Generating Cats with learned lookup tables
Table of contents
About
This is a follow up post to the previous one about generating cats with KPN filtering. Here I explore using lookup tables per 8x8 image tokens using a dictionary of 512/64 8x8 patterns.
Post
I expected this to not work very well, as the expressivity of the model is limited by the size of the dictionary, but surprisingly it works reasonably well and produces recognizable cat images. Also I thought that the LUT dictionary would learn interpreatable patterns, but it seems to just learn some arbitrary basis.
Each 8x8 patch is a softmax sum over the 512 learned patterns, so the model can interpolate between them. The model is a patch transfomer with 16 stacked self attention blocks operating on 64 tokens per image(8x8 RGB patch is mapped to a token), it outputs logits or weights of the LUT per 8x8 patch. Each LUT entry is a learnable 8x8 RGB patch that is static during inference.
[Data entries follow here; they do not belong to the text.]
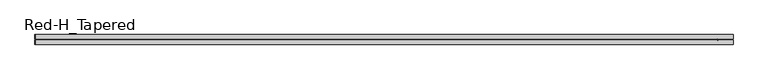
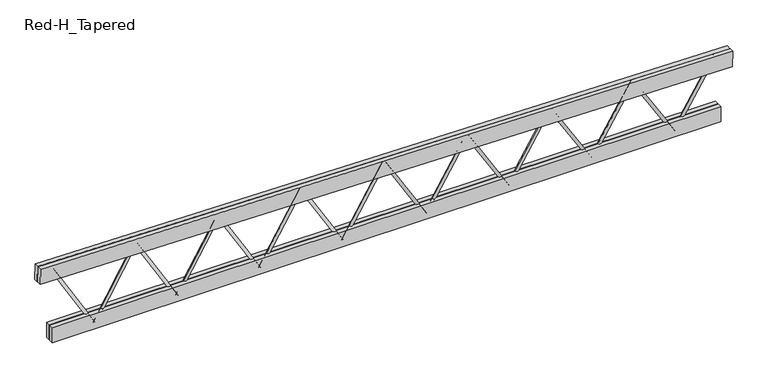
"""IFC4 building model written with IfcOpenShell, lengths in millimetres: beam geometry, Construction_Frames_RedBuilt_Openweb_Red-H_Tapered : Red-H_Tapered."""

from ifc_helpers import new_model, si_unit, point, frame, origin, origin_2d, place, context, project, spatial, polyline, circle_curve, trimmed, segment, composite_curve, outline, extrude, source, transform, mapped, element, save


def red_h_tapered_e83ac75d(model_context):
    return source(origin(), model_context, "Body", "SweptSolid", [
        extrude(outline(composite_curve([segment(trimmed(circle_curve(origin_2d(), 12.7), [point((0.0, 12.7))], [point((0.0, -12.7))], False, "CARTESIAN"), True, "CONTINUOUS"), segment(trimmed(circle_curve(origin_2d(), 12.7), [point((0.0, -12.7))], [point((0.0, 12.7))], False, "CARTESIAN"), True, "CONTINUOUS")], self_intersect=False)), frame((2514.6356775, 0.0, -367.0101562), z_axis=(0.5238075847033281, 0.0, 0.8518366123895273), x_axis=(0.0, -1.0, 0.0)), (0.0, 0.0, 1.0), 685.812269),
        extrude(outline(composite_curve([segment(trimmed(circle_curve(origin_2d(), 12.7), [point((0.0, -12.7))], [point((0.0, 12.6999999))], False, "CARTESIAN"), True, "CONTINUOUS"), segment(trimmed(circle_curve(origin_2d(), 12.7), [point((0.0, 12.6999999))], [point((0.0, -12.7))], False, "CARTESIAN"), True, "CONTINUOUS")], self_intersect=False)), frame((2514.6356775, 0.0, -367.0101562), z_axis=(-0.5212365661564261, 0.0, 0.8534122345627918), x_axis=(0.0, -1.0, 0.0)), (0.0, 0.0, 1.0), 689.1950633),
        extrude(outline(composite_curve([segment(trimmed(circle_curve(origin_2d(), 12.7), [point((0.0, 12.7))], [point((0.0, -12.6999999))], False, "CARTESIAN"), True, "CONTINUOUS"), segment(trimmed(circle_curve(origin_2d(), 12.7), [point((0.0, -12.6999999))], [point((0.0, 12.7))], False, "CARTESIAN"), True, "CONTINUOUS")], self_intersect=False)), frame((1796.168341, 0.0, -367.0101562), z_axis=(0.5212365661564254, 0.0, 0.8534122345627924), x_axis=(0.0, -1.0, 0.0)), (0.0, 0.0, 1.0), 689.1950633),
        extrude(outline(composite_curve([segment(trimmed(circle_curve(origin_2d(), 12.7), [point((0.0, -12.7))], [point((0.0, 12.7000001))], False, "CARTESIAN"), True, "CONTINUOUS"), segment(trimmed(circle_curve(origin_2d(), 12.7), [point((0.0, 12.7000001))], [point((0.0, -12.7))], False, "CARTESIAN"), True, "CONTINUOUS")], self_intersect=False)), frame((1796.168341, 0.0, -367.0101562), z_axis=(-0.51868601576627, 0.0, 0.8549648045671311), x_axis=(0.0, -1.0, 0.0)), (0.0, 0.0, 1.0), 692.584063),
        extrude(outline(composite_curve([segment(trimmed(circle_curve(origin_2d(), 12.7), [point((0.0, 12.7))], [point((0.0, -12.7))], False, "CARTESIAN"), True, "CONTINUOUS"), segment(trimmed(circle_curve(origin_2d(), 12.7), [point((0.0, -12.7))], [point((0.0, 12.7))], False, "CARTESIAN"), True, "CONTINUOUS")], self_intersect=False)), frame((1077.7010046, 0.0, -367.0101562), z_axis=(0.5186860157662689, 0.0, 0.8549648045671318), x_axis=(0.0, -1.0, 0.0)), (0.0, 0.0, 1.0), 692.584063),
        extrude(outline(composite_curve([segment(trimmed(circle_curve(origin_2d(), 12.7), [point((0.0, -12.7))], [point((0.0, 12.7))], False, "CARTESIAN"), True, "CONTINUOUS"), segment(trimmed(circle_curve(origin_2d(), 12.7), [point((0.0, 12.7))], [point((0.0, -12.7))], False, "CARTESIAN"), True, "CONTINUOUS")], self_intersect=False)), frame((1077.7010046, 0.0, -367.0101562), z_axis=(-0.5161557699811393, 0.0, 0.8564947291812001), x_axis=(0.0, -1.0, 0.0)), (0.0, 0.0, 1.0), 695.9791774),
        extrude(outline(composite_curve([segment(trimmed(circle_curve(origin_2d(), 12.7), [point((0.0, 12.7))], [point((0.0, -12.7))], False, "CARTESIAN"), True, "CONTINUOUS"), segment(trimmed(circle_curve(origin_2d(), 12.7), [point((0.0, -12.7))], [point((0.0, 12.7))], False, "CARTESIAN"), True, "CONTINUOUS")], self_intersect=False)), frame((359.2336682, 0.0, -367.0101562), z_axis=(0.5161557699811399, 0.0, 0.8564947291811997), x_axis=(0.0, -1.0, 0.0)), (0.0, 0.0, 1.0), 695.9791774),
        extrude(outline(composite_curve([segment(trimmed(circle_curve(origin_2d(), 12.7), [point((0.0, -12.7000001))], [point((0.0, 12.7))], False, "CARTESIAN"), True, "CONTINUOUS"), segment(trimmed(circle_curve(origin_2d(), 12.7), [point((0.0, 12.7))], [point((0.0, -12.7000001))], False, "CARTESIAN"), True, "CONTINUOUS")], self_intersect=False)), frame((359.2336682, 0.0, -367.0101562), z_axis=(-0.5136456648662128, 0.0, 0.8580024073183864), x_axis=(0.0, -1.0, 0.0)), (0.0, 0.0, 1.0), 699.3803176),
        extrude(outline(composite_curve([segment(trimmed(circle_curve(origin_2d(), 12.7), [point((0.0, -12.7))], [point((0.0, 12.7000001))], False, "CARTESIAN"), True, "CONTINUOUS"), segment(trimmed(circle_curve(origin_2d(), 12.7), [point((0.0, 12.7000001))], [point((0.0, -12.7))], False, "CARTESIAN"), True, "CONTINUOUS")], self_intersect=False)), frame((-359.2336682, 0.0, -367.0101562), z_axis=(0.5136456648661812, 0.0, 0.8580024073184053), x_axis=(0.0, -1.0, 0.0)), (0.0, 0.0, 1.0), 699.3803176),
        extrude(outline(composite_curve([segment(trimmed(circle_curve(origin_2d(), 12.7), [point((0.0, 12.7))], [point((0.0, -12.7))], False, "CARTESIAN"), True, "CONTINUOUS"), segment(trimmed(circle_curve(origin_2d(), 12.7), [point((0.0, -12.7))], [point((0.0, 12.7))], False, "CARTESIAN"), True, "CONTINUOUS")], self_intersect=False)), frame((-359.2336682, 0.0, -367.0101562), z_axis=(-0.5111555362037723, 0.0, 0.8594882301743486), x_axis=(0.0, -1.0, 0.0)), (0.0, 0.0, 1.0), 702.7873959),
        extrude(outline(composite_curve([segment(trimmed(circle_curve(origin_2d(), 12.7), [point((0.0, -12.7000001))], [point((0.0, 12.7))], False, "CARTESIAN"), True, "CONTINUOUS"), segment(trimmed(circle_curve(origin_2d(), 12.7), [point((0.0, 12.7))], [point((0.0, -12.7000001))], False, "CARTESIAN"), True, "CONTINUOUS")], self_intersect=False)), frame((-1077.7010046, 0.0, -367.0101562), z_axis=(0.5111555362037707, 0.0, 0.8594882301743495), x_axis=(0.0, -1.0, 0.0)), (0.0, 0.0, 1.0), 702.7873959),
        extrude(outline(composite_curve([segment(trimmed(circle_curve(origin_2d(), 12.7), [point((0.0, 12.7))], [point((0.0, -12.7))], False, "CARTESIAN"), True, "CONTINUOUS"), segment(trimmed(circle_curve(origin_2d(), 12.7), [point((0.0, -12.7))], [point((0.0, 12.7))], False, "CARTESIAN"), True, "CONTINUOUS")], self_intersect=False)), frame((-1077.7010046, 0.0, -367.0101562), z_axis=(-0.5086852195886448, 0.0, 0.8609525813725472), x_axis=(0.0, -1.0, 0.0)), (0.0, 0.0, 1.0), 706.2003266),
        extrude(outline(composite_curve([segment(trimmed(circle_curve(origin_2d(), 12.7), [point((0.0, -12.7))], [point((0.0, 12.6999999))], False, "CARTESIAN"), True, "CONTINUOUS"), segment(trimmed(circle_curve(origin_2d(), 12.7), [point((0.0, 12.6999999))], [point((0.0, -12.7))], False, "CARTESIAN"), True, "CONTINUOUS")], self_intersect=False)), frame((-1796.168341, 0.0, -367.0101562), z_axis=(0.5086852195886579, 0.0, 0.8609525813725394), x_axis=(0.0, -1.0, 0.0)), (0.0, 0.0, 1.0), 706.2003266),
        extrude(outline(composite_curve([segment(trimmed(circle_curve(origin_2d(), 12.7), [point((0.0, 12.6999999))], [point((0.0, -12.7000001))], False, "CARTESIAN"), True, "CONTINUOUS"), segment(trimmed(circle_curve(origin_2d(), 12.7), [point((0.0, -12.7000001))], [point((0.0, 12.6999999))], False, "CARTESIAN"), True, "CONTINUOUS")], self_intersect=False)), frame((-1796.168341, 0.0, -367.0101562), z_axis=(-0.5062345505185052, 0.0, 0.862395837108069), x_axis=(0.0, -1.0, 0.0)), (0.0, 0.0, 1.0), 709.6190251),
        extrude(outline(composite_curve([segment(trimmed(circle_curve(origin_2d(), 12.7), [point((0.0, -12.6999999))], [point((0.0, 12.7000001))], False, "CARTESIAN"), True, "CONTINUOUS"), segment(trimmed(circle_curve(origin_2d(), 12.7), [point((0.0, 12.7000001))], [point((0.0, -12.6999999))], False, "CARTESIAN"), True, "CONTINUOUS")], self_intersect=False)), frame((-2514.6356775, 0.0, -367.0101562), z_axis=(0.5062345505184935, 0.0, 0.8623958371080759), x_axis=(0.0, -1.0, 0.0)), (0.0, 0.0, 1.0), 709.6190251),
        extrude(outline(composite_curve([segment(trimmed(circle_curve(origin_2d(), 12.7), [point((0.0, 12.7))], [point((0.0, -12.7))], False, "CARTESIAN"), True, "CONTINUOUS"), segment(trimmed(circle_curve(origin_2d(), 12.7), [point((0.0, -12.7))], [point((0.0, 12.7))], False, "CARTESIAN"), True, "CONTINUOUS")], self_intersect=False)), frame((-2514.6356775, 0.0, -367.0101562), z_axis=(-0.5038033644797613, 0.0, 0.8638183662893912), x_axis=(0.0, -1.0, 0.0)), (0.0, 0.0, 1.0), 713.0434085),
        extrude(outline(polyline([(-2899.2693457, -41.275), (-2899.2693457, -3.175), (2899.2693457, -3.175), (2899.2693457, -41.275), (-2899.2693457, -41.275)])), frame((0.0, 0.0, -386.0601562), z_axis=(0.0, 0.0, 1.0), x_axis=(1.0, 0.0, 0.0)), (0.0, 0.0, 1.0), 139.7),
        extrude(outline(polyline([(-2899.2693457, 3.175), (-2899.2693457, 41.275), (2899.2693457, 41.275), (2899.2693457, 3.175), (-2899.2693457, 3.175)])), frame((0.0, 0.0, -386.0601562), z_axis=(0.0, 0.0, 1.0), x_axis=(1.0, 0.0, 0.0)), (0.0, 0.0, 1.0), 139.7),
        extrude(outline(polyline([(0.0, -38.1), (0.0, 0.0), (6002.5985939, 0.0), (6002.5985939, -38.1), (0.0, -38.1)])), frame((-3003.2339083, -3.175, 185.4598565), z_axis=(0.01692600269882894, 0.0, 0.9998567449553157), x_axis=(0.9998567449553157, 0.0, -0.01692600269882894)), (0.0, 0.0, 1.0), 139.7),
        extrude(outline(polyline([(0.0, -38.1), (0.0, 0.0), (6002.5985939, 0.0), (6002.5985939, -38.1), (0.0, -38.1)])), frame((-3003.2339083, 41.275, 185.4598565), z_axis=(0.01692600269882894, 0.0, 0.9998567449553157), x_axis=(0.9998567449553157, 0.0, -0.01692600269882894)), (0.0, 0.0, 1.0), 139.7),
    ])


if __name__ == "__main__":
    model = new_model("IFC4")
    model_context = context("Model", 3, world=origin())
    ifc_project = project(units=[si_unit("LENGTHUNIT", "METRE", prefix="MILLI")], contexts=[model_context])
    site = spatial("IfcSite", under=ifc_project)
    building = spatial("IfcBuilding", under=site)
    placement = place(None, origin())
    red_h_tapered_shape = red_h_tapered_e83ac75d(model_context)
    element("IfcBeam", 1, ObjectType="Construction_Frames_RedBuilt_Openweb_Red-H_Tapered : Red-H_Tapered", at=placement, inside=building, context=model_context, shape_type="MappedRepresentation", body=[
        mapped(red_h_tapered_shape, transform((0.0, 0.0, 0.0), x_axis=(1.0, 0.0, 0.0), y_axis=(0.0, 1.0, 0.0), z_axis=(0.0, 0.0, 1.0))),
    ])
    save(model, "model.ifc")

# Revit data of these elements
# Type "Construction_Frames_RedBuilt_Openweb_Red-H_Tapered : Red-H_Tapered"
#   Youtube clip = ""
#   Weight Net (Kg) = "0"
#   Webs = "Up to 2\" diameter tubular steel"
#   Uniformat II Description = ""
#   Uniformat II Code = ""
#   Uniclass 2015 Name = "Softwood trusses"
#   Uniclass 2015 Code = "Pr_20_85_90_81"
#   Uniclass 2.0 Description = "Structural Framing Systems"
#   Uniclass 2.0 Code = "SS-15-10-75"
#   Uniclass 1.4 Description = "Trusses"
#   Uniclass 1.4 Code = "L3523"
#   UNSPSC Code = "30103606"
#   Technical description = "http://www.redbuilt.com/reference/literature-and-other-resources"
#   Region South America = "None"
#   Region Oceania = "None"
#   Region North America = "US"
#   Region Middle East = "None"
#   Region Europe = "None"
#   Region Asia = "None"
#   Region Antarctica = "None"
#   Region Africa = "None"
#   QR code = "http://bimobject.com/redbuilt/product/redbuilt-0003"
#   Product url = "http://www.redbuilt.com/products/default.aspx?id=2"
#   Product group = "Wood Trusses"
#   Product family = "Construction"
#   Product data url = "https://bimobject.com/redbuilt/product/redbuilt-0003"
#   Product certification = ""
#   Product SKU = "redbuilt-0003"
#   Product Page URL = "http://www.redbuilt.com/commercial-systems/red-m-red-h-open-web-trusses"
#   Product Guid = "2c5793f2-6ffb-4665-b825-cf90c048e711"
#   Product Documentation Link = "http://www.redbuilt.com/documents/OW_Guide_2017_07_LowRes_wLinks.pdf"
#   OmniClass Description = "Wood Trusses"
#   OmniClass Code = "23-13 35 19 13 17"
#   NBS Reference Description = ""
#   NBS Reference Code = ""
#   Material secondary = "Steel"
#   Material main = "CHARRED WOOD"
#   Masterformat 2014 Description = "Metal-Web Wood Joists"
#   Masterformat 2014 Code = "06 17 36"
#   Manufacturer name = "RedBuilt"
#   Manufacturer country = "United States"
#   Installation instructions = "http://www.redbuilt.com/documents/Installation_Sheets_Open-Web.pdf"
#   IFC Classification = ""
#   EAN code = ""
#   Design country = "United States"
#   Product Information = "http://redbuilt.com/products/default.aspx?id=2"
#   Model = "Red-H-Tapered"
#   Manufacturer URL = "http://redbuilt.com/"
#   Manufacturer = "RedBuilt™"
#   Description = "Open Web Truss"
#   Date of publishing = "8/17/2010"
#   Contact us = "http://redbuilt.com/contact/"
#   Chords = "Double 1½\" x 5½\" MSR lumber"
#   COBIe Type Category = ""
#   Brand url = "http://www.redbuilt.com"
#   BIMobject main category code = "construction"
#   BIMobject main category = "Construction"
#   BIMobject category code = "construction-frames-trusses"
#   BIMobject category = "Frames & Trusses"
#   Web Radius = 0' - 0 1/2"
#   Web Layout Offset Start [instance default] = 0' - 5"
#   Web Layout Offset End [instance default] = 0' - 5"
#   Web Diameter = 0' - 1"
#   TotalLength [instance default] = 20' - 0"
#   Span Minimum = 4' - 0"
#   Span Maximum = 70' - 0"
#   Span Limit [instance default] = 20' - 0"
#   Nominal width = 0' - 0"
#   Nominal height = 0' - 0"
#   Inner Depth Top [instance default] = 0' - 2.76372"
#   Depth Start [instance default] = 6' - 0"
#   Top Chord Length [instance default] = 20' - 1.19701"
#   TC Extension Start Aux [instance default] = 0' - 0"
#   TC Extension End Aux [instance default] = 0' - 0"
#   T-B Chord Length Difference L [instance default] = 0' - 4"
#   T-B Chord Length Difference [instance default] = 0' - 4"
#   Height 2 [instance default] = 6' - 0"
#   Depth Minimum at Wall = 2' - 0"
#   Depth Maximum at Wall = 6' - 0"
#   Depth Lower End [instance default] = 2' - 0"
#   Depth Higher End [instance default] = 6' - 0"
#   Depth End [instance default] = 2' - 0"
#   Depth 2 [instance default] = 2' - 0"
#   Chord Width = 0' - 3 1/4"
#   Chord Thickness = 0' - 1 1/2"
#   Chord Depth = 0' - 5 1/2"
#   Offset Start [instance default] = 0' - 0"
#   TC Extension Start [instance default] = 0' - 0"
#   End Panel = 0' - 5"
#   Offset End [instance default] = 0' - 0"
#   TC Extension End [instance default] = 0' - 0"
#   Length [instance default] = 20' - 0"
#   Angle [instance default] = 5.71059°
#   Span Limit Warning [instance default] = no
#   Edition number = 1
#   Top Bearing Start [instance default] = yes
#   Top Bearing End [instance default] = yes
#   Bottom Bearing Start [instance default] = no
#   Bottom Bearing End [instance default] = no
#   8 Panels [instance default] = yes
#   16 Panels [instance default] = no
#   12 Panels [instance default] = no
#   Web Material = RedBuilt-Steel, Galvanized
#   Clip Material = RedBuilt-Steel, Galvanized
#   Chords Material = WOOD-OAKFIRE
#   URL = ""
#   Assembly Code = ""
# Element 1 (IfcBeam, "Construction_Frames_RedBuilt_Openweb_Red-H_Tapered : Red-H_Tapered")
#   TotalLength = 19' - 8.28892"
#   Span Limit = 19' - 8.28892"
#   Inner Depth Top = 0' - 2.75039"
#   Depth Start = 5' - 0"
#   Top Chord Length = 19' - 8.32278"
#   Height 2 = 5' - 0"
#   Depth Higher End = 5' - 0"
#   Depth 2 = 0' - 4"
#   Angle = 0.969835°
#   Materials on its faces: "RedBuilt-Steel, Galvanized", "WOOD-OAKFIRE"
# Materials
#   "RedBuilt-Steel, Galvanized": class "Metal", colour RGB 164 172 176, transparency 0, Manufacturer = "RedBuilt. LLC", Comments = "Openweb Metal Web", URL = "http://www.redbuilt.com/", Description = "Galvanized steel", Cost = 0
#   "WOOD-OAKFIRE": class "Wood", colour RGB 198 202 183, transparency 0, Description = "Generic wood", Cost = 0

It is trained the same way as before, by lerping to noise and predicting the original image. At inference we run the model iteratively starting from Gaussian noise and gradually unlerping to the predicted image.
LUT:

Samples:

Zoomed in:

Actually worked much better than I expected!
After thinking about it a bit more, it makes sense that this works, as the model can learn a dictionary of basis patterns. If we have 8x8 RGB patches, then we have effectively 64x3=192 dimensions per patch. With 512 patterns we more than double the number of basis vectors, so the model is not as limited as I initially thought.
Now the question is how well this would do if we use a limited number of dictionary entries, like 64. What I will do as well is penalize off-diagonal entries in the Gram matrix of the learned patterns to encourage orthogonality. And on top of that I will use unnormalized tanh weights for the LUT combination, because softmax doesn’t really make sense here, as we don’t want the result to be a convex combination necessarily.
Here’s the Gram matrix:

LUT:

Eearly samples at 3k epochs:

Zoomed in:

Later samples at 7k epochs:



Not bad at all! The model struggled a bit at first but then improved and started generating consistently good samples, I’m not measuring FID/diversity or anything formal here, just eyeballing it for the signs of life. There’s probably problems with this approach, but so far it looks interesting.
The next experiment I wanted to try is to compute the LUT dynamically by making the model to output a set of vectors that I would use to cook it up as RGB outer products, so it would output N * (3 * 2 * 8) and then each color channel tile would be computed as the outer product of the two 8-d vectors. This would potentially increase the capacity of the model as it could generate more diverse patterns on the fly.
I also added learnable static tokens that are appended to the patch embeddings before feeding them to the transformer, this would allow the model to capture some static information that is shared across all images, like common textures or colors.
5k epochs:


10k epochs:


The results look promising, the model seems to be able to generate decent cat images even with the limited capacity of the LUT approach. The dynamic LUT generation seems to help with diversity and detail.